1. "That's why they're called 'German Shedders'",
2. "This is a powerful breed that requires training and something to do; if they get bored they _will_ eat your house."
3. "Socialization with people and animals is the key - I've taken this guy everywhere with me since I got him. It's alot of work."
4. "My 3-year old niece sleeps in his crate with him from time to time".

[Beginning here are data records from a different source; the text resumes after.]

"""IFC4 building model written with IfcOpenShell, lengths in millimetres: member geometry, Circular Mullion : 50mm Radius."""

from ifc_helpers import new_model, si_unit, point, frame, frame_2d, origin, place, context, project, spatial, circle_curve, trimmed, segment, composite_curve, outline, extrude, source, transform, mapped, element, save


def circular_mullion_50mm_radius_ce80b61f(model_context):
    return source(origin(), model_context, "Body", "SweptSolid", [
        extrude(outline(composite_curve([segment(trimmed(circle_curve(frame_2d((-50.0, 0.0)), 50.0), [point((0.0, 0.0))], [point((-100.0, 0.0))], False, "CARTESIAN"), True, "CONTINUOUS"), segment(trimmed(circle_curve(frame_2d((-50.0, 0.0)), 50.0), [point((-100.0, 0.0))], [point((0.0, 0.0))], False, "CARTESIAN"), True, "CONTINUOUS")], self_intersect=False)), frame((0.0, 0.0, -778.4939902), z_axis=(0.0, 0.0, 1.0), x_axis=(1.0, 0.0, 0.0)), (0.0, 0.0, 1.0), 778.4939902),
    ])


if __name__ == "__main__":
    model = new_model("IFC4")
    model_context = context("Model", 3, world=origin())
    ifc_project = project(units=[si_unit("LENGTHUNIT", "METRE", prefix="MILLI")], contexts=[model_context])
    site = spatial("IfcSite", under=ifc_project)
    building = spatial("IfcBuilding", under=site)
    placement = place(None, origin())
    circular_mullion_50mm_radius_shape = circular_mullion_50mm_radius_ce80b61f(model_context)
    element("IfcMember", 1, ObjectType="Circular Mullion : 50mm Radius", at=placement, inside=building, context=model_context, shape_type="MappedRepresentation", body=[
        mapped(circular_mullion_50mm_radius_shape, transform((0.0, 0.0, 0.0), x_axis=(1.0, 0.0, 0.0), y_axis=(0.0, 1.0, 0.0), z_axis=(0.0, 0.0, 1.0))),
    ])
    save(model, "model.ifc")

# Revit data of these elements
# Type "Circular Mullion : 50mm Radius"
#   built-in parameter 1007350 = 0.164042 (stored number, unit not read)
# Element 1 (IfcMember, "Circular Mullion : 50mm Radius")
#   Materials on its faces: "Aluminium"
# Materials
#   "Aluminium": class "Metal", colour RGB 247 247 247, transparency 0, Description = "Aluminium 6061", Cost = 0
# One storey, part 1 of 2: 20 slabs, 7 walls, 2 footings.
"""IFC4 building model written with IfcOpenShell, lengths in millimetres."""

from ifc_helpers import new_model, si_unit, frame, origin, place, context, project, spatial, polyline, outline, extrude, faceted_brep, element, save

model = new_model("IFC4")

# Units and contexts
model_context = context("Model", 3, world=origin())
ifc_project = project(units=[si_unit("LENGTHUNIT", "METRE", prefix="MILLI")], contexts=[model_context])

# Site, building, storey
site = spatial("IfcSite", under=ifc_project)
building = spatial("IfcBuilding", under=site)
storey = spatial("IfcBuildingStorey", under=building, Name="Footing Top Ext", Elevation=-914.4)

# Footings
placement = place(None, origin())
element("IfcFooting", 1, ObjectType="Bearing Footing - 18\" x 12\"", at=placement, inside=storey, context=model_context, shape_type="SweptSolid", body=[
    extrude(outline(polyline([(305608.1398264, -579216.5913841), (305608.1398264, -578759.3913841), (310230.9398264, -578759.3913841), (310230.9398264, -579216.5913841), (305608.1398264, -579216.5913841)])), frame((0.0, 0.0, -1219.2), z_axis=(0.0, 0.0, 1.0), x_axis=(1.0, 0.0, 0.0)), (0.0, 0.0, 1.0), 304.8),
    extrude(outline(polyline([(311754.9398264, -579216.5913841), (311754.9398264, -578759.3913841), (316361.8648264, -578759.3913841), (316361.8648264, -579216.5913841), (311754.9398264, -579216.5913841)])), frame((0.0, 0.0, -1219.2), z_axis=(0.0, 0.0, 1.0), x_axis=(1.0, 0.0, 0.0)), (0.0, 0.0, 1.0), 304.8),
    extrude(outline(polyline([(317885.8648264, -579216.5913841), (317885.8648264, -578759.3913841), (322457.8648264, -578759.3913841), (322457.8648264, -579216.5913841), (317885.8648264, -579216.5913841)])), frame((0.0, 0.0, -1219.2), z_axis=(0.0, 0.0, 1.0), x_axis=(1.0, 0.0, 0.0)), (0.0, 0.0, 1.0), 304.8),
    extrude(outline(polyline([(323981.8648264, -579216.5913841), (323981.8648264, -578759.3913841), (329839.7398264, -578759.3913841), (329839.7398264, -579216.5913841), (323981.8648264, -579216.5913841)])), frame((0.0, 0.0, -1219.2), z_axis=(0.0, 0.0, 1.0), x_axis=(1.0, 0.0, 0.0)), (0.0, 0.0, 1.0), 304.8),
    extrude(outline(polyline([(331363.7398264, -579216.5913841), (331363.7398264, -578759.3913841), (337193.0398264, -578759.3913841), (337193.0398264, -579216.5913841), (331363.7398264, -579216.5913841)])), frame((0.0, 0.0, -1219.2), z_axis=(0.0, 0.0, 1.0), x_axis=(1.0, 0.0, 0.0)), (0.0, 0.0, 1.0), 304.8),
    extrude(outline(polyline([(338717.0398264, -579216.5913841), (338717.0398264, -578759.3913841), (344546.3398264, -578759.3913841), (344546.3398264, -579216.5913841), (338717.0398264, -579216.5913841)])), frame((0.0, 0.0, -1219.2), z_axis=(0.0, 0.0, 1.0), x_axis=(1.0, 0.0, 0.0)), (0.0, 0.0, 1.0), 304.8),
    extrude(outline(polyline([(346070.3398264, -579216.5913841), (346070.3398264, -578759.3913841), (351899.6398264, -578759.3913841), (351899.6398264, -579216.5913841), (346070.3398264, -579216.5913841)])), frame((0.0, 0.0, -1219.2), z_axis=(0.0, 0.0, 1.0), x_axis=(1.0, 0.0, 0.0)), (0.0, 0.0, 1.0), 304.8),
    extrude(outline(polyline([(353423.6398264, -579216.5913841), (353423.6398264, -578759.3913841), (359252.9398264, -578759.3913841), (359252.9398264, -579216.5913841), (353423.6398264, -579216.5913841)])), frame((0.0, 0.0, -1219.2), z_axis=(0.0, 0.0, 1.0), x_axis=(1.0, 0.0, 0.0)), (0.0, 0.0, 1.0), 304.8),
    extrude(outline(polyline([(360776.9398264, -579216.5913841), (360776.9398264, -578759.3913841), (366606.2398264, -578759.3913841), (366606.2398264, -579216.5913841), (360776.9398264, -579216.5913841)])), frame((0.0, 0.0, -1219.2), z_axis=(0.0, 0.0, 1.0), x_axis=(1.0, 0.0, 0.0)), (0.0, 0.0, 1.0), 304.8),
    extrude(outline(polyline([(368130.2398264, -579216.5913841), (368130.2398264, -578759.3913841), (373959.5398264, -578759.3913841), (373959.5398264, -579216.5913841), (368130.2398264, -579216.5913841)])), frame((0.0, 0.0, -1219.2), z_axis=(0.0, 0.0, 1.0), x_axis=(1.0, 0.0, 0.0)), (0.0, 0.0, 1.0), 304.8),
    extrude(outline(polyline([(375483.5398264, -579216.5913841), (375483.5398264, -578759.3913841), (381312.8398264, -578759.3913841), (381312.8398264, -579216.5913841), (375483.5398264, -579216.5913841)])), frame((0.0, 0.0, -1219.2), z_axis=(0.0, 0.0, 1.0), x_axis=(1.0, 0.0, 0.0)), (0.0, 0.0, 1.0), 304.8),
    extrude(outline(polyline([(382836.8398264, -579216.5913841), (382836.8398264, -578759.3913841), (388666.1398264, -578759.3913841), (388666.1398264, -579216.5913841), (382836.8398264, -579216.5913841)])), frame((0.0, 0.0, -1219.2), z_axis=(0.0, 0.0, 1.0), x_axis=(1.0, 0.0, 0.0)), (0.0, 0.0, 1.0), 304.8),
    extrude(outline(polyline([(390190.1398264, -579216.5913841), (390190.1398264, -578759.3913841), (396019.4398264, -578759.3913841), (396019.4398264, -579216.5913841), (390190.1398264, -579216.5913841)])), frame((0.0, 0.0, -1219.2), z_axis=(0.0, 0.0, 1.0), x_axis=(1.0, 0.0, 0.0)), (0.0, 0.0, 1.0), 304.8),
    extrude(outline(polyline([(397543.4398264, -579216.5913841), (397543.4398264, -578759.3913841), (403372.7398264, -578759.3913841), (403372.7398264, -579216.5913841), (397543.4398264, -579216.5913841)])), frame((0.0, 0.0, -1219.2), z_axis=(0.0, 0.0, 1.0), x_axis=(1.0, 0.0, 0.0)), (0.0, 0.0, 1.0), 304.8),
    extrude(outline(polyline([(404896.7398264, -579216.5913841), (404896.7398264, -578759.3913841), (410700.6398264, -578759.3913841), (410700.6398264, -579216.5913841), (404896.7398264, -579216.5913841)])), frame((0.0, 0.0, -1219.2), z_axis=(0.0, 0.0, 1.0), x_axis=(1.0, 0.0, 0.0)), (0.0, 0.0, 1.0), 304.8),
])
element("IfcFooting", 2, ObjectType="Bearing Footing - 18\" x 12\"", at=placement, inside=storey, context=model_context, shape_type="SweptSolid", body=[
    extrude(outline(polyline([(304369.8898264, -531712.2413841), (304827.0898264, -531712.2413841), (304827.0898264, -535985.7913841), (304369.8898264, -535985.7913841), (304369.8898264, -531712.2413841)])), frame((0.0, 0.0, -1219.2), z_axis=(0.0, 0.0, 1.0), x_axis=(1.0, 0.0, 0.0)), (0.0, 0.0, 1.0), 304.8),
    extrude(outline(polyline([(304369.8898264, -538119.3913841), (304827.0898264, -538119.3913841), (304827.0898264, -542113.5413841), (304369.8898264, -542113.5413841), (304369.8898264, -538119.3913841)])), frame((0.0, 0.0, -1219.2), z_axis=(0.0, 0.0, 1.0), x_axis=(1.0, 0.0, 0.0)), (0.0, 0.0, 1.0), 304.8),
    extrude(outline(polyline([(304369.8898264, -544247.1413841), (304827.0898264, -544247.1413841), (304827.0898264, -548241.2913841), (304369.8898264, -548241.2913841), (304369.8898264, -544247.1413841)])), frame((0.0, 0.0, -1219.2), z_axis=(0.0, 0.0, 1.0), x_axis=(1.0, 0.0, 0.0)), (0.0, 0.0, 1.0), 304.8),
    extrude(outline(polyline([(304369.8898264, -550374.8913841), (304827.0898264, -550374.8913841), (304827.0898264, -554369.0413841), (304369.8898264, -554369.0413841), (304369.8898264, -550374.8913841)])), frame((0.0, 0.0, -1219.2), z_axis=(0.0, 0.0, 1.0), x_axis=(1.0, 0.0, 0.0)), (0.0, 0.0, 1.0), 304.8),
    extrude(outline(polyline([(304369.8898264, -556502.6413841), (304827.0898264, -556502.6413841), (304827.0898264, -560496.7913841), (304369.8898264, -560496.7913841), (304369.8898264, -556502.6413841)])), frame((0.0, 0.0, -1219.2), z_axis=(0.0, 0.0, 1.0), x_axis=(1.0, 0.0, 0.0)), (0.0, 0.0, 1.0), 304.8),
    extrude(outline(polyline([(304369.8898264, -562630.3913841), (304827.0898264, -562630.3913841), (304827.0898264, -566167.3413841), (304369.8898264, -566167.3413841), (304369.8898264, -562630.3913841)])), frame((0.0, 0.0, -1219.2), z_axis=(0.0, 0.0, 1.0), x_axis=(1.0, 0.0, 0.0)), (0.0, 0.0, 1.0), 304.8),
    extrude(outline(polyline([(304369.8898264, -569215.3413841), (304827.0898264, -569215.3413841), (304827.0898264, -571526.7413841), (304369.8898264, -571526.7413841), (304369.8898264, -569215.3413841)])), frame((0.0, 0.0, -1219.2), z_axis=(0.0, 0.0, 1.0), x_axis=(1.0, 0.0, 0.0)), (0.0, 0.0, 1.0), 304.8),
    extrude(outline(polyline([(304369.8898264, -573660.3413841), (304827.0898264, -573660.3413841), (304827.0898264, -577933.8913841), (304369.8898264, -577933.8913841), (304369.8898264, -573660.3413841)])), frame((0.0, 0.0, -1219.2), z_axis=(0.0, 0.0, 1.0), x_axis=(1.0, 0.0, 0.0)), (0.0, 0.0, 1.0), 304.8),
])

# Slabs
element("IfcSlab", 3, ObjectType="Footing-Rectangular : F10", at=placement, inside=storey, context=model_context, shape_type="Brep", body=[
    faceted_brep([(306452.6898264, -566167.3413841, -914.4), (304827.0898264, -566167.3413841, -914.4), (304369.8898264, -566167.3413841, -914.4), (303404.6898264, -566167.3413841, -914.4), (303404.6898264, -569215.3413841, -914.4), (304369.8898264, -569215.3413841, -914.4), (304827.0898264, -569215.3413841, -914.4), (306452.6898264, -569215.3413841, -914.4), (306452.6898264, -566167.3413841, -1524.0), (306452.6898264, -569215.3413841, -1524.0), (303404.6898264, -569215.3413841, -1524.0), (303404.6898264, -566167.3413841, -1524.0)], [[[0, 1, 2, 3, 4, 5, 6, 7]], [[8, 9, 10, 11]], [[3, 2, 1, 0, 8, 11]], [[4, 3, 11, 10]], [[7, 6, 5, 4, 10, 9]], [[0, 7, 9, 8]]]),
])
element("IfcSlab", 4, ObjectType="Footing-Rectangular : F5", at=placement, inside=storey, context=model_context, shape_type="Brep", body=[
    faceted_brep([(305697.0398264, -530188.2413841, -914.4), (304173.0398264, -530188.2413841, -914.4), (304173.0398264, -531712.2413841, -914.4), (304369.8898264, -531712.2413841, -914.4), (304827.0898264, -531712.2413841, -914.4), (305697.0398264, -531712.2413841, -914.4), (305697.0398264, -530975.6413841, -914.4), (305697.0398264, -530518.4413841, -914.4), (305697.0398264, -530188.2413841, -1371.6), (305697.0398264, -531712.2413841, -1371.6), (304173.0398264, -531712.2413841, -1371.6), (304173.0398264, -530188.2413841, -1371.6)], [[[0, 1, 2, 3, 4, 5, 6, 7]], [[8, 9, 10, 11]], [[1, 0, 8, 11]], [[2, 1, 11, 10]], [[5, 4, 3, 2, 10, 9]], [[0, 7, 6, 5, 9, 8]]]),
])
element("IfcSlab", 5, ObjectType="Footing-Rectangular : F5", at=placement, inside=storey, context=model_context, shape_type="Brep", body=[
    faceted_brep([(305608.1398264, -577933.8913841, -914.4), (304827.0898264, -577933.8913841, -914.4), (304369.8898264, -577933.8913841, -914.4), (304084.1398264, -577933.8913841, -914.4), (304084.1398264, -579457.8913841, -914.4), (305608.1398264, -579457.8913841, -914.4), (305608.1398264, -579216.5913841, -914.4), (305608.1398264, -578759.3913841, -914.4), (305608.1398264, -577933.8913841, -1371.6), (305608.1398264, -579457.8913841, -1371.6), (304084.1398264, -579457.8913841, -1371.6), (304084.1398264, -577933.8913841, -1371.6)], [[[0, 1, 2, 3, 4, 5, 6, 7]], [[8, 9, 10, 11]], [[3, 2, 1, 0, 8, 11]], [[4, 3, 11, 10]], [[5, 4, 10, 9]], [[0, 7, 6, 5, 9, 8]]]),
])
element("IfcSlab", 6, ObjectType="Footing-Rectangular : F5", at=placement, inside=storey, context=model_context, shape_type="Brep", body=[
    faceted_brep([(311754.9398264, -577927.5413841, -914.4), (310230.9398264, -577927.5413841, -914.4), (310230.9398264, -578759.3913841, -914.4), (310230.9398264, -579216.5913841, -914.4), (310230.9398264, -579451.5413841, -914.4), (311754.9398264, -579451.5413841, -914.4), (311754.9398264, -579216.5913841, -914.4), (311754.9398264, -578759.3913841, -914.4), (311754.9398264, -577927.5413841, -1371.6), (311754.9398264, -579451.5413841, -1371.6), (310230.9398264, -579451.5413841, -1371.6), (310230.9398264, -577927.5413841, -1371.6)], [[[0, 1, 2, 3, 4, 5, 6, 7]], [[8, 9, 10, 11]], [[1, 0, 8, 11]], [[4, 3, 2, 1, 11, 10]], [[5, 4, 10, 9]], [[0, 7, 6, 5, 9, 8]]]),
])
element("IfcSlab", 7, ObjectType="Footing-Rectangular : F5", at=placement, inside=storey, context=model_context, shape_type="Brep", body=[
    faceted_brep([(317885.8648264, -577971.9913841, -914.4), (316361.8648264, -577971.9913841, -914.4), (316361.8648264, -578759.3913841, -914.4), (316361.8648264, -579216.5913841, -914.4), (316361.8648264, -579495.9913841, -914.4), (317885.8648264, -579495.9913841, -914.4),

When she brought up the whole watchdog thing again, I let her have it; "I have to tell you that if you're planning on getting a Shepherd as a 'watchdog', and you're not planning on putting the time in, you're going to have an unmanagable, unapproachable, dangerous dog." At this point, Rookie had picked out a shady spot under a nearby tree and lay down. "This guy is a total pussycat, but he hackles up whenever the doorbell rings or a car pulls in the driveway. He just does that. He's not a 'watchdog'; he's my kid. I cannot place enough emphasis on how much attention these dogs need."

She thanked me, I wished her luck, and we went our separate ways.

I hope I talked her out of it.


----------



## BlackPuppy (Mar 29, 2007)

Well, people need to learn these things. You did a good job giving her the facts. Sometimes it just doesn't sink in. 

I chose my first dog for a couple of reasons, but I also wanted a dog with a "look" that would make the bad guys think twice.


----------



## Jessiewessie99 (Mar 6, 2009)

SOmetimes people will listen and sometimes people will not listen. You could have suggested her to go to an animal shelter...


----------



## selzer (May 7, 2005)

Kudos to the "moron" for not buying the puppy first and then asking the questions after she had problems with him. 

Frankly, it is frustrating to hear about people buying a dog from a pet store. For the general public, I think it is we the dog people that have failed to let them know that they are supporting the worst people on the face of the earth and the suffering in such places. But I have had someone who works at our local pound tell me she got the shepherd puppy she was in class with from a pet store. There is absolutely no excuse for that. And yet, it happens. 

I think that if you polled the people who have joined this site, and asked them, how many of them would be in the number who bought the puppy first and then looked for answers about general questions after they already owned the pup, you would find that many of them did buy first and ask questions later.

So I think your vent and idiot/moron comments, "her" etc, well I think it is misdirected. 

It sounds like she was very open to information, and instead of just putting your nose up about pet stores, you would have explained why it would be better to go to a reputable breeder or a rescue or even the pound, it might have gone over better. Not everyone wants a pup/dog that someone else gave up on, but letting her know WHY you would not support puppy mills and how responsible breeders would NEVER let someone they did not know and trust sell their puppies, well, that might have gotten more milage. 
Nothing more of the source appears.